▶ **The task**
Check every line of the data for the string "units" and copy the ones that have it.

*** Opening of Extracted information ***

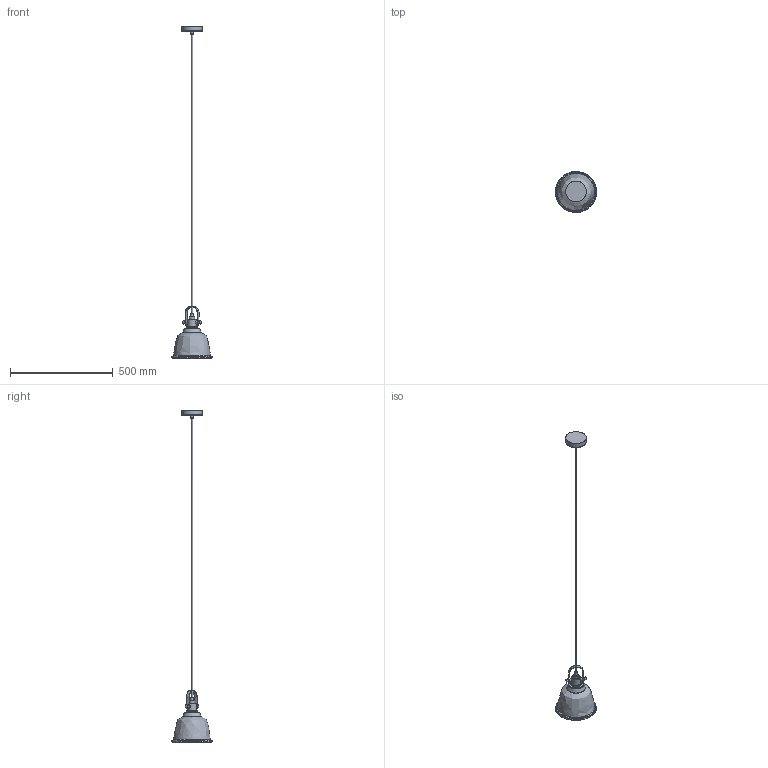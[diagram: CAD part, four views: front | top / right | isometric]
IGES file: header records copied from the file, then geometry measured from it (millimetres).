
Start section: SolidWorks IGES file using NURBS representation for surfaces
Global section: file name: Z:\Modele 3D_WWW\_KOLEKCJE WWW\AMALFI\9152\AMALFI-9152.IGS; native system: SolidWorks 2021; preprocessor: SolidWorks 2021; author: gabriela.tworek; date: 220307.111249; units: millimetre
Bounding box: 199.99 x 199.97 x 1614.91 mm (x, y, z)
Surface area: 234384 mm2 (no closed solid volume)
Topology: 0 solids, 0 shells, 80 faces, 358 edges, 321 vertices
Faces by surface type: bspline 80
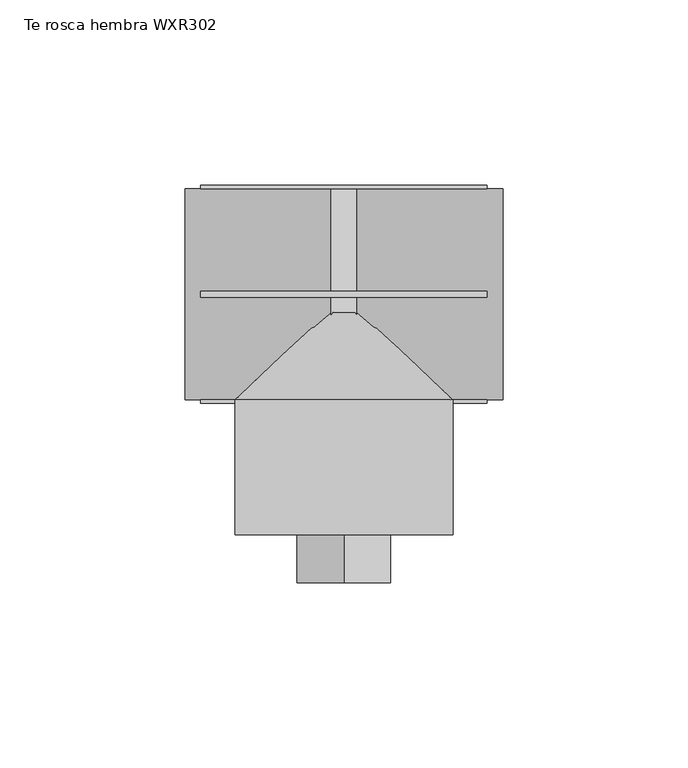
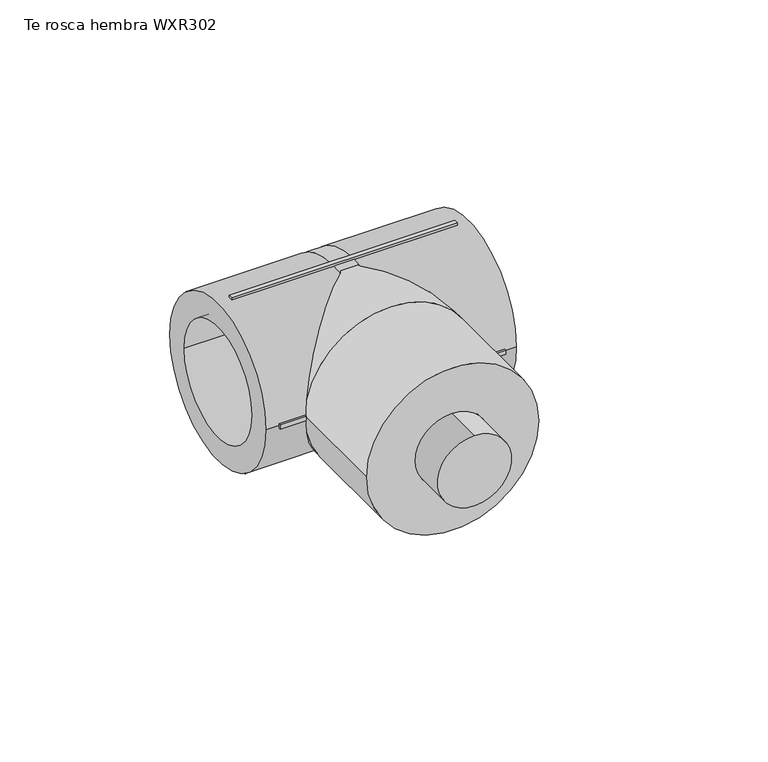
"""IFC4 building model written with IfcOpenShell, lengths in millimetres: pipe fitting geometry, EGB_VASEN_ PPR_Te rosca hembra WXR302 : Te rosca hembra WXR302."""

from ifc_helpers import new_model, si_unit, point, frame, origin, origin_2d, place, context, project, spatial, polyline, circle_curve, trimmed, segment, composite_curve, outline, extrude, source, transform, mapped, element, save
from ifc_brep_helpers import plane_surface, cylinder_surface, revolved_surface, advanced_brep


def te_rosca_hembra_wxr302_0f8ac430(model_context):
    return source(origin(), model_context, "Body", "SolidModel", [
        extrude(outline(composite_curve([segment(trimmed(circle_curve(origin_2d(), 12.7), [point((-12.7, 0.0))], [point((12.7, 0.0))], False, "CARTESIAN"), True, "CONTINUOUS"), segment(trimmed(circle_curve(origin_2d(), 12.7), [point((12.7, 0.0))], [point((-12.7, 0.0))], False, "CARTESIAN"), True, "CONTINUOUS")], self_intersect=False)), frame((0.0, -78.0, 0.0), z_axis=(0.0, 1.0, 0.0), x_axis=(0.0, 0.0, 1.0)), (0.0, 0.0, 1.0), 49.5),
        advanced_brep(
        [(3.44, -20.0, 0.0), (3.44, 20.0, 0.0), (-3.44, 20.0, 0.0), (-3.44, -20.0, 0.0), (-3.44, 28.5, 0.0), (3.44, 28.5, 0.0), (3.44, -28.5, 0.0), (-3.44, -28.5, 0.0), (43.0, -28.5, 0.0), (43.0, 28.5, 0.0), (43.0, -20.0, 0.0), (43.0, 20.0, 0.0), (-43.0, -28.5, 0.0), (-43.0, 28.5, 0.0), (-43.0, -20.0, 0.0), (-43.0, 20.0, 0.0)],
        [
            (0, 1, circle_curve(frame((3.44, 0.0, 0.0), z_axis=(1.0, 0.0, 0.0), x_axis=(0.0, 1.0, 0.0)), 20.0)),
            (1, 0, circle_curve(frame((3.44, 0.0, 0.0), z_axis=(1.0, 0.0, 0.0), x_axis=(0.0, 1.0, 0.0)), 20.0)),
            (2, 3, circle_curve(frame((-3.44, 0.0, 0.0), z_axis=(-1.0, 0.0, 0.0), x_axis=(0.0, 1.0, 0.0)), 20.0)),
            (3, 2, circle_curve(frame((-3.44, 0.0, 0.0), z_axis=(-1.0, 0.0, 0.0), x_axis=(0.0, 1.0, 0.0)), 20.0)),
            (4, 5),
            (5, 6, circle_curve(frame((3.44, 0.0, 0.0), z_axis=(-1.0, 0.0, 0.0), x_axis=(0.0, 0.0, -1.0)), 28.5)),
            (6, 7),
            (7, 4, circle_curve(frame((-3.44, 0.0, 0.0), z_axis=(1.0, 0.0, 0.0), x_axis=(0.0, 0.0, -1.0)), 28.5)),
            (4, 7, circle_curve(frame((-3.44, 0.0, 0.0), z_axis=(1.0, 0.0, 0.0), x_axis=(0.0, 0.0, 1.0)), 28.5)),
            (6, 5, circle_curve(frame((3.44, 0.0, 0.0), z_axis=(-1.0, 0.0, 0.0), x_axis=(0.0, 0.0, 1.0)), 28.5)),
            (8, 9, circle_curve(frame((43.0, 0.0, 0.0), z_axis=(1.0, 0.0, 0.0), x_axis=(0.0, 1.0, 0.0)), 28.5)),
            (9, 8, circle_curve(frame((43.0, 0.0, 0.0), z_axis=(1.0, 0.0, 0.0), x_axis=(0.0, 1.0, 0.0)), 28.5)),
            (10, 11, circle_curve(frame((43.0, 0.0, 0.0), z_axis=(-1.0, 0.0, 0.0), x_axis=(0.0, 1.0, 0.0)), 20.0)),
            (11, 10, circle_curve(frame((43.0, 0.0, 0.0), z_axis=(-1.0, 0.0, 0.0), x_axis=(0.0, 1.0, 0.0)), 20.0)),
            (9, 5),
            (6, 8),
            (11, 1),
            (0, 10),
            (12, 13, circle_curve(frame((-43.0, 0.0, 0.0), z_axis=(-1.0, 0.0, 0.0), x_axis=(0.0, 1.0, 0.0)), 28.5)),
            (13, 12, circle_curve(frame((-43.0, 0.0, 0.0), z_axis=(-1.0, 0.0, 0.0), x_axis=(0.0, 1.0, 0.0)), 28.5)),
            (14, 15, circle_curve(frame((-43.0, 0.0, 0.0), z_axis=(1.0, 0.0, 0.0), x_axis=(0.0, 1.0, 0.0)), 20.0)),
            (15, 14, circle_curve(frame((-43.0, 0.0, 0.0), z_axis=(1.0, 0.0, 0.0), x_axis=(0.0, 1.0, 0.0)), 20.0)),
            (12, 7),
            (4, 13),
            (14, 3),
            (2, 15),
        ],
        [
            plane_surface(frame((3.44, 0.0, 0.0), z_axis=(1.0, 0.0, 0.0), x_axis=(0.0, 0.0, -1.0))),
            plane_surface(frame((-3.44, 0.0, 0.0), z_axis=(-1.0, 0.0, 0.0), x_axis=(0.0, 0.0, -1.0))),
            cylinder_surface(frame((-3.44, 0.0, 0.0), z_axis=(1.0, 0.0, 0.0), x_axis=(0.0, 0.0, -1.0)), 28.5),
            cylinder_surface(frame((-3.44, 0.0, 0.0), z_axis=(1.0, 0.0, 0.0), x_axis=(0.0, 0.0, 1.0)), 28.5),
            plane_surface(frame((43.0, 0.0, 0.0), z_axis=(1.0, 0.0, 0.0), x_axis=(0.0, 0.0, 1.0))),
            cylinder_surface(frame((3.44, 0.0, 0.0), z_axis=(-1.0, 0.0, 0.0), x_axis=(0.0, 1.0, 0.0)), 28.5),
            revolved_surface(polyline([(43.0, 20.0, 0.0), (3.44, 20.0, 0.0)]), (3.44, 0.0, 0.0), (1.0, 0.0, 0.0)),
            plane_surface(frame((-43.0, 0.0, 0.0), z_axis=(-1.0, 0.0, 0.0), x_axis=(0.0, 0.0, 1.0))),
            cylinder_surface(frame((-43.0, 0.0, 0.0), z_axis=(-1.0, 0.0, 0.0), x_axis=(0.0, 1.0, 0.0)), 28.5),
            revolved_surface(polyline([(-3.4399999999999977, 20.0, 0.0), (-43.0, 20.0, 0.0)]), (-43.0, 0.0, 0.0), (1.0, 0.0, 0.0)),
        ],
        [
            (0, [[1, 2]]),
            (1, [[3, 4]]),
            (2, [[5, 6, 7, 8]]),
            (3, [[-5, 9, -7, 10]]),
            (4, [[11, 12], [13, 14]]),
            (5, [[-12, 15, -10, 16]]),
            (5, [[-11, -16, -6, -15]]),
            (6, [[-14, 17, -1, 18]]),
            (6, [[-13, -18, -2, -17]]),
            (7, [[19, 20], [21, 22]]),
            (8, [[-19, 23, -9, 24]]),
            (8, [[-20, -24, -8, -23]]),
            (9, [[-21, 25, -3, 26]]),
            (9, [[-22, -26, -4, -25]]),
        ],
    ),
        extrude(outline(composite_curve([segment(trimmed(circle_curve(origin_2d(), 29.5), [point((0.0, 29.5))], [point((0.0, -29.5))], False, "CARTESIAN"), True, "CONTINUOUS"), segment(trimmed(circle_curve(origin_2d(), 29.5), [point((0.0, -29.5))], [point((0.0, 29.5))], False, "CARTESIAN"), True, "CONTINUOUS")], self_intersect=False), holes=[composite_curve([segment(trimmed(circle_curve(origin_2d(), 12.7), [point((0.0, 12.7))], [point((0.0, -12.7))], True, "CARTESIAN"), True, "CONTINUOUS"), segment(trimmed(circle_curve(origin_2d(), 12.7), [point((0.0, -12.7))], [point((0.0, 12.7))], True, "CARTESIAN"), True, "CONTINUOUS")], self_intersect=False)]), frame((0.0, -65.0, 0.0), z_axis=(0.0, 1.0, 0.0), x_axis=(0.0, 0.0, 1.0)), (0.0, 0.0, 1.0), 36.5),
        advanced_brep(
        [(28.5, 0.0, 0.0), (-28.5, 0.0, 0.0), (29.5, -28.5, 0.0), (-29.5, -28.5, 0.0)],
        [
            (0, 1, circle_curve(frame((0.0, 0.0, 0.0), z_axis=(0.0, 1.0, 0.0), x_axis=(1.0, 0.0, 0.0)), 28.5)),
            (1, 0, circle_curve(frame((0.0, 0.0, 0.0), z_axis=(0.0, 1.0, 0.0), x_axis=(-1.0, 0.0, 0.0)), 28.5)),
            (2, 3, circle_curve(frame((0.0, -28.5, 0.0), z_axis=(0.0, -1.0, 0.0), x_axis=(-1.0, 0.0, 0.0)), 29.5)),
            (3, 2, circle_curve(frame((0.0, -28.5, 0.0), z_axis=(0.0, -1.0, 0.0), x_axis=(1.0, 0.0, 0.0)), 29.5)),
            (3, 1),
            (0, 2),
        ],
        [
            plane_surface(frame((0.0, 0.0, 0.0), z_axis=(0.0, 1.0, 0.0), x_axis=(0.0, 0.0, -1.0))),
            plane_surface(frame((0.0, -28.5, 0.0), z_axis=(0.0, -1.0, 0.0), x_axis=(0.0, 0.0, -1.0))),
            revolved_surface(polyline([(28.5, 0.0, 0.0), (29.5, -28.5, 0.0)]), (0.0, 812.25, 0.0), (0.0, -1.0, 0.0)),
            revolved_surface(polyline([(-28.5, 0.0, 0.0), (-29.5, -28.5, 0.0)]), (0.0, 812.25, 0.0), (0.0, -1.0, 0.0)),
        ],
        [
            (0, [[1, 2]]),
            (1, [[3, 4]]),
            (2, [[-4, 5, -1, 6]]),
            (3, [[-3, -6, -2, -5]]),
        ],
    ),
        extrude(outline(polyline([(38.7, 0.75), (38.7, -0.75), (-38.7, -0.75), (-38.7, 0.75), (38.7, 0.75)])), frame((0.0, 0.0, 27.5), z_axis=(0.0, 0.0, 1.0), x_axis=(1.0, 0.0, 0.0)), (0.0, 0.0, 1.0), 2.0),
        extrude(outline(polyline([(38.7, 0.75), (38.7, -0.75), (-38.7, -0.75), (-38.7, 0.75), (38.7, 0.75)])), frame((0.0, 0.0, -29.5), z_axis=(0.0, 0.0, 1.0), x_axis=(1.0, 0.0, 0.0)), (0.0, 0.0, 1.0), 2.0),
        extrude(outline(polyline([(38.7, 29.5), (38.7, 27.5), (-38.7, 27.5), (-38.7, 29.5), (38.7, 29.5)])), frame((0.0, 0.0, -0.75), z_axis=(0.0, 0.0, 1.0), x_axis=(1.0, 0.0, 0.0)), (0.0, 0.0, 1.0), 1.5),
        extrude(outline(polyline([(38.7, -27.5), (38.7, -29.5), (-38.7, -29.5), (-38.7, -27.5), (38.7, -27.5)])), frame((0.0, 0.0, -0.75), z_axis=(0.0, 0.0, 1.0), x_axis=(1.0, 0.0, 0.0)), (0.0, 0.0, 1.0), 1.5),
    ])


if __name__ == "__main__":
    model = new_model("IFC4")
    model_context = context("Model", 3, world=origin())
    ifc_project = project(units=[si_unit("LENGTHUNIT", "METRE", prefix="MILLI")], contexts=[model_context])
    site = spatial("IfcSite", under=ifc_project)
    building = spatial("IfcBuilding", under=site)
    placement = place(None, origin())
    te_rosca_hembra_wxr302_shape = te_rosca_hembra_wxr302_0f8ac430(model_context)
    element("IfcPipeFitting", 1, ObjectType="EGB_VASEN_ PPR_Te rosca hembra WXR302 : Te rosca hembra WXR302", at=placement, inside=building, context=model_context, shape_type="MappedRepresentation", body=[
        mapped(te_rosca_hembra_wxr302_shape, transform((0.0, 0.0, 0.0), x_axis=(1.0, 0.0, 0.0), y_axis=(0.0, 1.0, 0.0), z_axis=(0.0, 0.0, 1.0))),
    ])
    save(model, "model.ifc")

*** Close of Extracted information ***

▶ **Output**
Global section: file name: Z:\Modele 3D_WWW\_KOLEKCJE WWW\AMALFI\9152\AMALFI-9152.IGS; native system: SolidWorks 2021; preprocessor: SolidWorks 2021; author: gabriela.tworek; date: 220307.111249; units: millimetre
    ifc_project = project(units=[si_unit("LENGTHUNIT", "METRE", prefix="MILLI")], contexts=[model_context])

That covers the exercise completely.